Source material >>
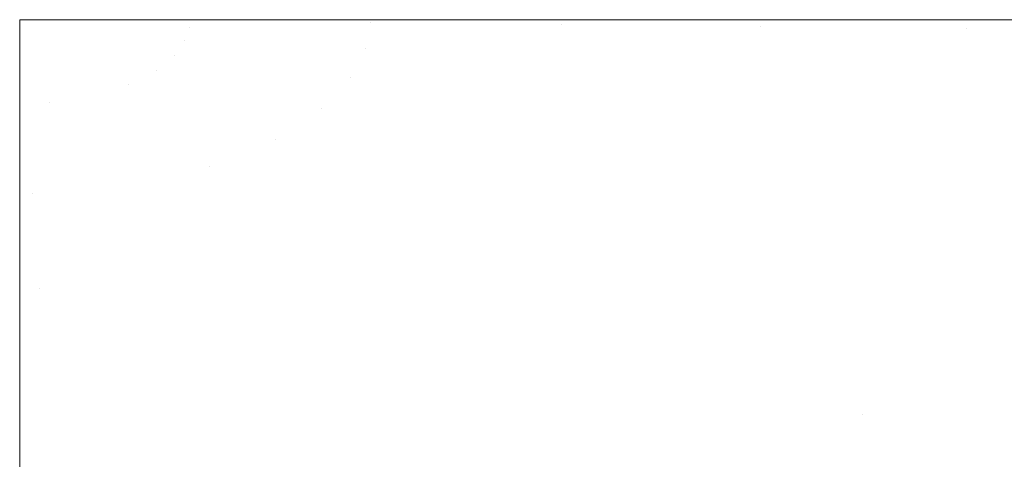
# Model space of a CAD drawing. Header units: centimetres. Extents: x 54.006 to 54.208, y 4.9 to 5.
# Tile 3 of 9: x 54.006 to 54.081, y 4.967 to 5. Entities that reach past the tile are written whole.
import ezdxf

# ---------------------------------------------------------------- set-up
doc = ezdxf.new("R2010")
doc.units = ezdxf.units.CM
doc.header["$LTSCALE"] = 2.54
doc.layers.add('Lucido design-1', color=7, linetype='Continuous')

# ---------------------------------------------------------------- blocks, each defined once
blk = doc.blocks.new('Gruppo-1')
at = {"color": 7, "linetype": 'Continuous', "lineweight": 9}
for points, invisible_edges in [([(54.019407, 5.000089, -2681.11581), (54.019358, 4.9995, -2681.115981), (54.006438, 5.000089, -2681.116189)], 3), ([(54.006438, 4.993935, -2681.116), (54.006438, 5.000089, -2681.116189), (54.008691, 4.993742, -2681.115981)], 10), ([(54.016817, 4.996222, -2681.115981), (54.006438, 5.000089, -2681.116189), (54.0182, 4.997369, -2681.115981)], 11), ([(54.019002, 4.998481, -2681.115981), (54.006438, 5.000089, -2681.116189), (54.019358, 4.9995, -2681.115981)], 11), ([(54.0182, 4.997369, -2681.115981), (54.006438, 5.000089, -2681.116189), (54.019002, 4.998481, -2681.115981)], 11), ([(54.011995, 4.994265, -2681.115981), (54.006438, 5.000089, -2681.116189), (54.014752, 4.995141, -2681.115981)], 11), ([(54.010396, 4.993951, -2681.115981), (54.008691, 4.993742, -2681.115981), (54.006438, 5.000089, -2681.116189), (54.011995, 4.994265, -2681.115981)], 15), ([(54.014752, 4.995141, -2681.115981), (54.006438, 5.000089, -2681.116189), (54.016817, 4.996222, -2681.115981)], 11), ([(54.019407, 5.000089, -2717.21581), (54.019358, 4.9995, -2717.215981), (54.006438, 5.000089, -2717.216189)], 3), ([(54.006438, 4.993935, -2717.216), (54.006438, 5.000089, -2717.216189), (54.008691, 4.993742, -2717.215981)], 10), ([(54.016817, 4.996222, -2717.215981), (54.006438, 5.000089, -2717.216189), (54.0182, 4.997369, -2717.215981)], 11), ([(54.019002, 4.998481, -2717.215981), (54.006438, 5.000089, -2717.216189), (54.019358, 4.9995, -2717.215981)], 11), ([(54.0182, 4.997369, -2717.215981), (54.006438, 5.000089, -2717.216189), (54.019002, 4.998481, -2717.215981)], 11), ([(54.011995, 4.994265, -2717.215981), (54.006438, 5.000089, -2717.216189), (54.014752, 4.995141, -2717.215981)], 11), ([(54.010396, 4.993951, -2717.215981), (54.008691, 4.993742, -2717.215981), (54.006438, 5.000089, -2717.216189), (54.011995, 4.994265, -2717.215981)], 15), ([(54.014752, 4.995141, -2717.215981), (54.006438, 5.000089, -2717.216189), (54.016817, 4.996222, -2717.215981)], 11), ([(54.019358, 4.9995, -2681.115981), (54.019407, 5.000089, -2681.11581), (54.030055, 5.000089, -2681.115498)], 9), ([(54.030055, 5.000089, -2681.115498), (54.033049, 4.998877, -2681.115304), (54.019358, 4.9995, -2681.115981)], 11), ([(54.019358, 4.9995, -2717.215981), (54.019407, 5.000089, -2717.21581), (54.030055, 5.000089, -2717.215498)], 9), ([(54.030055, 5.000089, -2717.215498), (54.033049, 4.998877, -2717.215304), (54.019358, 4.9995, -2717.215981)], 11), ([(54.030055, 5.000089, -2681.115498), (54.033155, 5.000089, -2681.115233), (54.033156, 4.999837, -2681.115304)], 10), ([(54.033156, 4.999837, -2681.115304), (54.033049, 4.998877, -2681.115304), (54.030055, 5.000089, -2681.115498)], 11), ([(54.030055, 5.000089, -2717.215498), (54.033155, 5.000089, -2717.215233), (54.033156, 4.999837, -2717.215304)], 10), ([(54.033156, 4.999837, -2717.215304), (54.033049, 4.998877, -2717.215304), (54.030055, 5.000089, -2717.215498)], 11), ([(54.047476, 4.998219, -2681.114071), (54.033049, 4.998877, -2681.115304), (54.033156, 4.999837, -2681.115304), (54.04764, 4.999701, -2681.114071)], 15), ([(54.047476, 4.998219, -2717.214071), (54.033049, 4.998877, -2717.215304), (54.033156, 4.999837, -2717.215304), (54.04764, 4.999701, -2717.214071)], 15), ([(54.04764, 4.999701, -2681.114071), (54.033156, 4.999837, -2681.115304), (54.033155, 5.000089, -2681.115233)], 11), ([(54.033155, 5.000089, -2681.115233), (54.047641, 5.000089, -2681.11399), (54.04764, 4.999701, -2681.114071)], 10), ([(54.04764, 4.999701, -2717.214071), (54.033156, 4.999837, -2717.215304), (54.033155, 5.000089, -2717.215233)], 11), ([(54.033155, 5.000089, -2717.215233), (54.047641, 5.000089, -2717.21399), (54.04764, 4.999701, -2717.214071)], 10), ([(54.04764, 4.999701, -2681.114071), (54.062795, 4.999559, -2681.112189), (54.06257, 4.997532, -2681.112189), (54.047476, 4.998219, -2681.114071)], 15), ([(54.04764, 4.999701, -2717.214071), (54.062795, 4.999559, -2717.212189), (54.06257, 4.997532, -2717.212189), (54.047476, 4.998219, -2717.214071)], 15), ([(54.062795, 4.999559, -2681.112189), (54.04764, 4.999701, -2681.114071), (54.051222, 5.000089, -2681.113683)], 11), ([(54.04764, 4.999701, -2681.114071), (54.047641, 5.000089, -2681.11399), (54.051222, 5.000089, -2681.113683)], 9), ([(54.062795, 4.999559, -2717.212189), (54.04764, 4.999701, -2717.214071), (54.051222, 5.000089, -2717.213683)], 11), ([(54.04764, 4.999701, -2717.214071), (54.047641, 5.000089, -2717.21399), (54.051222, 5.000089, -2717.213683)], 9), ([(54.051222, 5.000089, -2681.113683), (54.062785, 5.000089, -2681.112047), (54.062795, 4.999559, -2681.112189)], 10), ([(54.051222, 5.000089, -2717.213683), (54.062785, 5.000089, -2717.212047), (54.062795, 4.999559, -2717.212189)], 10), ([(54.062795, 4.999559, -2681.112189), (54.062785, 5.000089, -2681.112047), (54.07178, 5.000089, -2681.110775)], 9), ([(54.062795, 4.999559, -2717.212189), (54.062785, 5.000089, -2717.212047), (54.07178, 5.000089, -2717.210775)], 9), ([(54.07178, 5.000089, -2681.110775), (54.078513, 4.999411, -2681.109558), (54.062795, 4.999559, -2681.112189)], 11), ([(54.07178, 5.000089, -2717.210775), (54.078513, 4.999411, -2717.209558), (54.062795, 4.999559, -2717.212189)], 11), ([(54.07178, 5.000089, -2681.110775), (54.0785, 5.000089, -2681.109429), (54.078513, 4.999411, -2681.109558)], 10), ([(54.07178, 5.000089, -2717.210775), (54.0785, 5.000089, -2717.209429), (54.078513, 4.999411, -2717.209558)], 10), ([(54.078513, 4.999411, -2681.109558), (54.0785, 5.000089, -2681.109429), (54.091414, 5.000089, -2681.106844)], 9), ([(54.078513, 4.999411, -2717.209558), (54.0785, 5.000089, -2717.209429), (54.091414, 5.000089, -2717.206844)], 9), ([(54.091414, 5.000089, -2681.106844), (54.094638, 4.999259, -2681.106077), (54.078513, 4.999411, -2681.109558)], 11), ([(54.091414, 5.000089, -2717.206844), (54.094638, 4.999259, -2717.206077), (54.078513, 4.999411, -2717.209558)], 11), ([(54.03278, 4.997855, -2681.115304), (54.032316, 4.996777, -2681.115304), (54.019002, 4.998481, -2681.115981), (54.019358, 4.9995, -2681.115981)], 15), ([(54.03278, 4.997855, -2717.215304), (54.032316, 4.996777, -2717.215304), (54.019002, 4.998481, -2717.215981), (54.019358, 4.9995, -2717.215981)], 15), ([(54.019358, 4.9995, -2681.115981), (54.033049, 4.998877, -2681.115304), (54.03278, 4.997855, -2681.115304)], 11), ([(54.019358, 4.9995, -2717.215981), (54.033049, 4.998877, -2717.215304), (54.03278, 4.997855, -2717.215304)], 11), ([(54.078225, 4.996819, -2681.109558), (54.06257, 4.997532, -2681.112189), (54.062795, 4.999559, -2681.112189), (54.078513, 4.999411, -2681.109558)], 15), ([(54.078225, 4.996819, -2717.209558), (54.06257, 4.997532, -2717.212189), (54.062795, 4.999559, -2717.212189), (54.078513, 4.999411, -2717.209558)], 15), ([(54.078513, 4.999411, -2681.109558), (54.094638, 4.999259, -2681.106077), (54.094285, 4.996087, -2681.106077), (54.078225, 4.996819, -2681.109558)], 15), ([(54.078513, 4.999411, -2717.209558), (54.094638, 4.999259, -2717.206077), (54.094285, 4.996087, -2717.206077), (54.078225, 4.996819, -2717.209558)], 15), ([(54.031622, 4.99565, -2681.115304), (54.030664, 4.994486, -2681.115304), (54.0182, 4.997369, -2681.115981), (54.019002, 4.998481, -2681.115981)], 15), ([(54.031622, 4.99565, -2717.215304), (54.030664, 4.994486, -2717.215304), (54.0182, 4.997369, -2717.215981), (54.019002, 4.998481, -2717.215981)], 15), ([(54.019002, 4.998481, -2681.115981), (54.032316, 4.996777, -2681.115304), (54.031622, 4.99565, -2681.115304)], 11), ([(54.019002, 4.998481, -2717.215981), (54.032316, 4.996777, -2717.215304), (54.031622, 4.99565, -2717.215304)], 11), ([(54.04706, 4.996644, -2681.114071), (54.03278, 4.997855, -2681.115304), (54.033049, 4.998877, -2681.115304), (54.047476, 4.998219, -2681.114071)], 15), ([(54.04706, 4.996644, -2717.214071), (54.03278, 4.997855, -2717.215304), (54.033049, 4.998877, -2717.215304), (54.047476, 4.998219, -2717.214071)], 15), ([(54.047476, 4.998219, -2681.114071), (54.06257, 4.997532, -2681.112189), (54.062002, 4.995377, -2681.112189), (54.04706, 4.996644, -2681.114071)], 15), ([(54.047476, 4.998219, -2717.214071), (54.06257, 4.997532, -2717.212189), (54.062002, 4.995377, -2717.212189), (54.04706, 4.996644, -2717.214071)], 15), ([(54.046344, 4.994981, -2681.114071), (54.032316, 4.996777, -2681.115304), (54.03278, 4.997855, -2681.115304), (54.04706, 4.996644, -2681.114071)], 15), ([(54.046344, 4.994981, -2717.214071), (54.032316, 4.996777, -2717.215304), (54.03278, 4.997855, -2717.215304), (54.04706, 4.996644, -2717.214071)], 15), ([(54.077498, 4.994063, -2681.109558), (54.062002, 4.995377, -2681.112189), (54.06257, 4.997532, -2681.112189), (54.078225, 4.996819, -2681.109558)], 15), ([(54.077498, 4.994063, -2717.209558), (54.062002, 4.995377, -2717.212189), (54.06257, 4.997532, -2717.212189), (54.078225, 4.996819, -2717.209558)], 15), ([(54.029406, 4.993303, -2681.115304), (54.027816, 4.992124, -2681.115304), (54.016817, 4.996222, -2681.115981), (54.0182, 4.997369, -2681.115981)], 15), ([(54.029406, 4.993303, -2717.215304), (54.027816, 4.992124, -2717.215304), (54.016817, 4.996222, -2717.215981), (54.0182, 4.997369, -2717.215981)], 15), ([(54.0182, 4.997369, -2681.115981), (54.030664, 4.994486, -2681.115304), (54.029406, 4.993303, -2681.115304)], 11), ([(54.0182, 4.997369, -2717.215981), (54.030664, 4.994486, -2717.215304), (54.029406, 4.993303, -2717.215304)], 11), ([(54.045275, 4.993243, -2681.114071), (54.031622, 4.99565, -2681.115304), (54.032316, 4.996777, -2681.115304), (54.046344, 4.994981, -2681.114071)], 15), ([(54.045275, 4.993243, -2717.214071), (54.031622, 4.99565, -2717.215304), (54.032316, 4.996777, -2717.215304), (54.046344, 4.994981, -2717.214071)], 15), ([(54.078225, 4.996819, -2681.109558), (54.094285, 4.996087, -2681.106077), (54.093396, 4.992714, -2681.106077), (54.077498, 4.994063, -2681.109558)], 15), ([(54.078225, 4.996819, -2717.209558), (54.094285, 4.996087, -2717.206077), (54.093396, 4.992714, -2717.206077), (54.077498, 4.994063, -2717.209558)], 15), ([(54.025872, 4.990978, -2681.115304), (54.023562, 4.989898, -2681.115304), (54.014752, 4.995141, -2681.115981), (54.016817, 4.996222, -2681.115981)], 15), ([(54.025872, 4.990978, -2717.215304), (54.023562, 4.989898, -2717.215304), (54.014752, 4.995141, -2717.215981), (54.016817, 4.996222, -2717.215981)], 15), ([(54.016817, 4.996222, -2681.115981), (54.027816, 4.992124, -2681.115304), (54.025872, 4.990978, -2681.115304)], 11), ([(54.016817, 4.996222, -2717.215981), (54.027816, 4.992124, -2717.215304), (54.025872, 4.990978, -2717.215304)], 11), ([(54.04706, 4.996644, -2681.114071), (54.062002, 4.995377, -2681.112189), (54.061023, 4.993102, -2681.112189), (54.046344, 4.994981, -2681.114071)], 15), ([(54.04706, 4.996644, -2717.214071), (54.062002, 4.995377, -2717.212189), (54.061023, 4.993102, -2717.212189), (54.046344, 4.994981, -2717.214071)], 15), ([(54.043797, 4.991449, -2681.114071), (54.030664, 4.994486, -2681.115304), (54.031622, 4.99565, -2681.115304), (54.045275, 4.993243, -2681.114071)], 15), ([(54.043797, 4.991449, -2717.214071), (54.030664, 4.994486, -2717.215304), (54.031622, 4.99565, -2717.215304), (54.045275, 4.993243, -2717.214071)], 15), ([(54.076246, 4.991154, -2681.109558), (54.061023, 4.993102, -2681.112189), (54.062002, 4.995377, -2681.112189), (54.077498, 4.994063, -2681.109558)], 15), ([(54.076246, 4.991154, -2717.209558), (54.061023, 4.993102, -2717.212189), (54.062002, 4.995377, -2717.212189), (54.077498, 4.994063, -2717.209558)], 15), ([(54.02089, 4.988923, -2681.115304), (54.017884, 4.988094, -2681.115304), (54.011995, 4.994265, -2681.115981), (54.014752, 4.995141, -2681.115981)], 15), ([(54.02089, 4.988923, -2717.215304), (54.017884, 4.988094, -2717.215304), (54.011995, 4.994265, -2717.215981), (54.014752, 4.995141, -2717.215981)], 15), ([(54.014752, 4.995141, -2681.115981), (54.023562, 4.989898, -2681.115304), (54.02089, 4.988923, -2681.115304)], 11), ([(54.014752, 4.995141, -2717.215981), (54.023562, 4.989898, -2717.215304), (54.02089, 4.988923, -2717.215304)], 11), ([(54.041857, 4.989625, -2681.114071), (54.029406, 4.993303, -2681.115304), (54.030664, 4.994486, -2681.115304), (54.043797, 4.991449, -2681.114071)], 15), ([(54.041857, 4.989625, -2717.214071), (54.029406, 4.993303, -2717.215304), (54.030664, 4.994486, -2717.215304), (54.043797, 4.991449, -2717.214071)], 15), ([(54.046344, 4.994981, -2681.114071), (54.061023, 4.993102, -2681.112189), (54.05956, 4.990725, -2681.112189), (54.045275, 4.993243, -2681.114071)], 15), ([(54.046344, 4.994981, -2717.214071), (54.061023, 4.993102, -2717.212189), (54.05956, 4.990725, -2717.212189), (54.045275, 4.993243, -2717.214071)], 15), ([(54.008691, 4.993742, -2681.115981), (54.006438, 4.993645, -2681.115966), (54.006438, 4.993935, -2681.116)], 9), ([(54.008691, 4.993742, -2717.215981), (54.006438, 4.993645, -2717.215966), (54.006438, 4.993935, -2717.216)], 9), ([(54.007439, 4.986824, -2681.115304), (54.006438, 4.993645, -2681.115966), (54.008691, 4.993742, -2681.115981)], 11), ([(54.007439, 4.986824, -2717.215304), (54.006438, 4.993645, -2717.215966), (54.008691, 4.993742, -2717.215981)], 11), ([(54.008691, 4.993742, -2681.115981), (54.011079, 4.987016, -2681.115304), (54.007439, 4.986824, -2681.115304)], 11), ([(54.008691, 4.993742, -2717.215981), (54.011079, 4.987016, -2717.215304), (54.007439, 4.986824, -2717.215304)], 11), ([(54.01459, 4.987447, -2681.115304), (54.011079, 4.987016, -2681.115304), (54.008691, 4.993742, -2681.115981), (54.010396, 4.993951, -2681.115981)], 15), ([(54.01459, 4.987447, -2717.215304), (54.011079, 4.987016, -2717.215304), (54.008691, 4.993742, -2717.215981), (54.010396, 4.993951, -2717.215981)], 15), ([(54.010396, 4.993951, -2681.115981), (54.011995, 4.994265, -2681.115981), (54.017884, 4.988094, -2681.115304), (54.01459, 4.987447, -2681.115304)], 15), ([(54.010396, 4.993951, -2717.215981), (54.011995, 4.994265, -2717.215981), (54.017884, 4.988094, -2717.215304), (54.01459, 4.987447, -2717.215304)], 15), ([(54.077498, 4.994063, -2681.109558), (54.093396, 4.992714, -2681.106077), (54.091864, 4.989155, -2681.106077), (54.076246, 4.991154, -2681.109558)], 15), ([(54.077498, 4.994063, -2717.209558), (54.093396, 4.992714, -2717.206077), (54.091864, 4.989155, -2717.206077), (54.076246, 4.991154, -2717.209558)], 15), ([(54.007439, 4.986824, -2681.115304), (54.006438, 4.986828, -2681.115185), (54.006438, 4.993645, -2681.115966)], 9), ([(54.007439, 4.986824, -2717.215304), (54.006438, 4.986828, -2717.215185), (54.006438, 4.993645, -2717.215966)], 9), ([(54.039406, 4.987806, -2681.114071), (54.027816, 4.992124, -2681.115304), (54.029406, 4.993303, -2681.115304), (54.041857, 4.989625, -2681.114071)], 15), ([(54.039406, 4.987806, -2717.214071), (54.027816, 4.992124, -2717.215304), (54.029406, 4.993303, -2717.215304), (54.041857, 4.989625, -2717.214071)], 15), ([(54.045275, 4.993243, -2681.114071), (54.05956, 4.990725, -2681.112189), (54.057539, 4.988271, -2681.112189), (54.043797, 4.991449, -2681.114071)], 15), ([(54.045275, 4.993243, -2717.214071), (54.05956, 4.990725, -2717.212189), (54.057539, 4.988271, -2717.212189), (54.043797, 4.991449, -2717.214071)], 15), ([(54.074376, 4.988114, -2681.109558), (54.05956, 4.990725, -2681.112189), (54.061023, 4.993102, -2681.112189), (54.076246, 4.991154, -2681.109558)], 15), ([(54.074376, 4.988114, -2717.209558), (54.05956, 4.990725, -2717.212189), (54.061023, 4.993102, -2717.212189), (54.076246, 4.991154, -2717.209558)], 15), ([(54.025872, 4.990978, -2681.115304), (54.027816, 4.992124, -2681.115304), (54.039406, 4.987806, -2681.114071), (54.036408, 4.986038, -2681.114071)], 15), ([(54.025872, 4.990978, -2717.215304), (54.027816, 4.992124, -2717.215304), (54.039406, 4.987806, -2717.214071), (54.036408, 4.986038, -2717.214071)], 15), ([(54.043797, 4.991449, -2681.114071), (54.057539, 4.988271, -2681.112189), (54.054885, 4.985776, -2681.112189), (54.041857, 4.989625, -2681.114071)], 15), ([(54.043797, 4.991449, -2717.214071), (54.057539, 4.988271, -2717.212189), (54.054885, 4.985776, -2717.212189), (54.041857, 4.989625, -2717.214071)], 15), ([(54.036408, 4.986038, -2681.114071), (54.032845, 4.984373, -2681.114071), (54.023562, 4.989898, -2681.115304), (54.025872, 4.990978, -2681.115304)], 15), ([(54.036408, 4.986038, -2717.214071), (54.032845, 4.984373, -2717.214071), (54.023562, 4.989898, -2717.215304), (54.025872, 4.990978, -2717.215304)], 15), ([(54.071791, 4.984975, -2681.109558), (54.057539, 4.988271, -2681.112189), (54.05956, 4.990725, -2681.112189), (54.074376, 4.988114, -2681.109558)], 15), ([(54.071791, 4.984975, -2717.209558), (54.057539, 4.988271, -2717.212189), (54.05956, 4.990725, -2717.212189), (54.074376, 4.988114, -2717.209558)], 15), ([(54.076246, 4.991154, -2681.109558), (54.091864, 4.989155, -2681.106077), (54.089575, 4.985435, -2681.106077), (54.074376, 4.988114, -2681.109558)], 15), ([(54.076246, 4.991154, -2717.209558), (54.091864, 4.989155, -2717.206077), (54.089575, 4.985435, -2717.206077), (54.074376, 4.988114, -2717.209558)], 15), ([(54.02089, 4.988923, -2681.115304), (54.023562, 4.989898, -2681.115304), (54.032845, 4.984373, -2681.114071), (54.028725, 4.98287, -2681.114071)], 15), ([(54.02089, 4.988923, -2717.215304), (54.023562, 4.989898, -2717.215304), (54.032845, 4.984373, -2717.214071), (54.028725, 4.98287, -2717.214071)], 15), ([(54.041857, 4.989625, -2681.114071), (54.054885, 4.985776, -2681.112189), (54.051532, 4.983289, -2681.112189), (54.039406, 4.987806, -2681.114071)], 15), ([(54.041857, 4.989625, -2717.214071), (54.054885, 4.985776, -2717.212189), (54.051532, 4.983289, -2717.212189), (54.039406, 4.987806, -2717.214071)], 15), ([(54.028725, 4.98287, -2681.114071), (54.024089, 4.981591, -2681.114071), (54.017884, 4.988094, -2681.115304), (54.02089, 4.988923, -2681.115304)], 15), ([(54.028725, 4.98287, -2717.214071), (54.024089, 4.981591, -2717.214071), (54.017884, 4.988094, -2717.215304), (54.02089, 4.988923, -2717.215304)], 15), ([(54.01459, 4.987447, -2681.115304), (54.017884, 4.988094, -2681.115304), (54.024089, 4.981591, -2681.114071), (54.019009, 4.980594, -2681.114071)], 15), ([(54.01459, 4.987447, -2717.215304), (54.017884, 4.988094, -2717.215304), (54.024089, 4.981591, -2717.214071), (54.019009, 4.980594, -2717.214071)], 15), ([(54.036408, 4.986038, -2681.114071), (54.039406, 4.987806, -2681.114071), (54.051532, 4.983289, -2681.112189), (54.047431, 4.98087, -2681.112189)], 15), ([(54.036408, 4.986038, -2717.214071), (54.039406, 4.987806, -2717.214071), (54.051532, 4.983289, -2717.212189), (54.047431, 4.98087, -2717.212189)], 15), ([(54.068396, 4.981784, -2681.109558), (54.054885, 4.985776, -2681.112189), (54.057539, 4.988271, -2681.112189), (54.071791, 4.984975, -2681.109558)], 15), ([(54.068396, 4.981784, -2717.209558), (54.054885, 4.985776, -2717.212189), (54.057539, 4.988271, -2717.212189), (54.071791, 4.984975, -2717.209558)], 15), ([(54.074376, 4.988114, -2681.109558), (54.089575, 4.985435, -2681.106077), (54.086411, 4.981594, -2681.106077), (54.071791, 4.984975, -2681.109558)], 15), ([(54.074376, 4.988114, -2717.209558), (54.089575, 4.985435, -2717.206077), (54.086411, 4.981594, -2717.206077), (54.071791, 4.984975, -2717.209558)], 15), ([(54.007439, 4.986824, -2681.115304), (54.011079, 4.987016, -2681.115304), (54.013595, 4.979929, -2681.114071), (54.007983, 4.979632, -2681.114071)], 15), ([(54.007439, 4.986824, -2717.215304), (54.011079, 4.987016, -2717.215304), (54.013595, 4.979929, -2717.214071), (54.007983, 4.979632, -2717.214071)], 15), ([(54.019009, 4.980594, -2681.114071), (54.013595, 4.979929, -2681.114071), (54.011079, 4.987016, -2681.115304), (54.01459, 4.987447, -2681.115304)], 15), ([(54.019009, 4.980594, -2717.214071), (54.013595, 4.979929, -2717.214071), (54.011079, 4.987016, -2717.215304), (54.01459, 4.987447, -2717.215304)], 15), ([(54.006438, 4.983502, -2681.114804), (54.006438, 4.986828, -2681.115185), (54.007439, 4.986824, -2681.115304)], 10), ([(54.006438, 4.983502, -2717.214804), (54.006438, 4.986828, -2717.215185), (54.007439, 4.986824, -2717.215304)], 10), ([(54.007439, 4.986824, -2681.115304), (54.007983, 4.979632, -2681.114071), (54.006438, 4.983502, -2681.114804)], 11), ([(54.007439, 4.986824, -2717.215304), (54.007983, 4.979632, -2717.214071), (54.006438, 4.983502, -2717.214804)], 11), ([(54.047431, 4.98087, -2681.112189), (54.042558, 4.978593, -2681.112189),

Assignment >>
Pick out the lines above containing the word "units", then copy them.

Exercise output >>
# Model space of a CAD drawing. Header units: centimetres. Extents: x 54.006 to 54.208, y 4.9 to 5.
doc.units = ezdxf.units.CM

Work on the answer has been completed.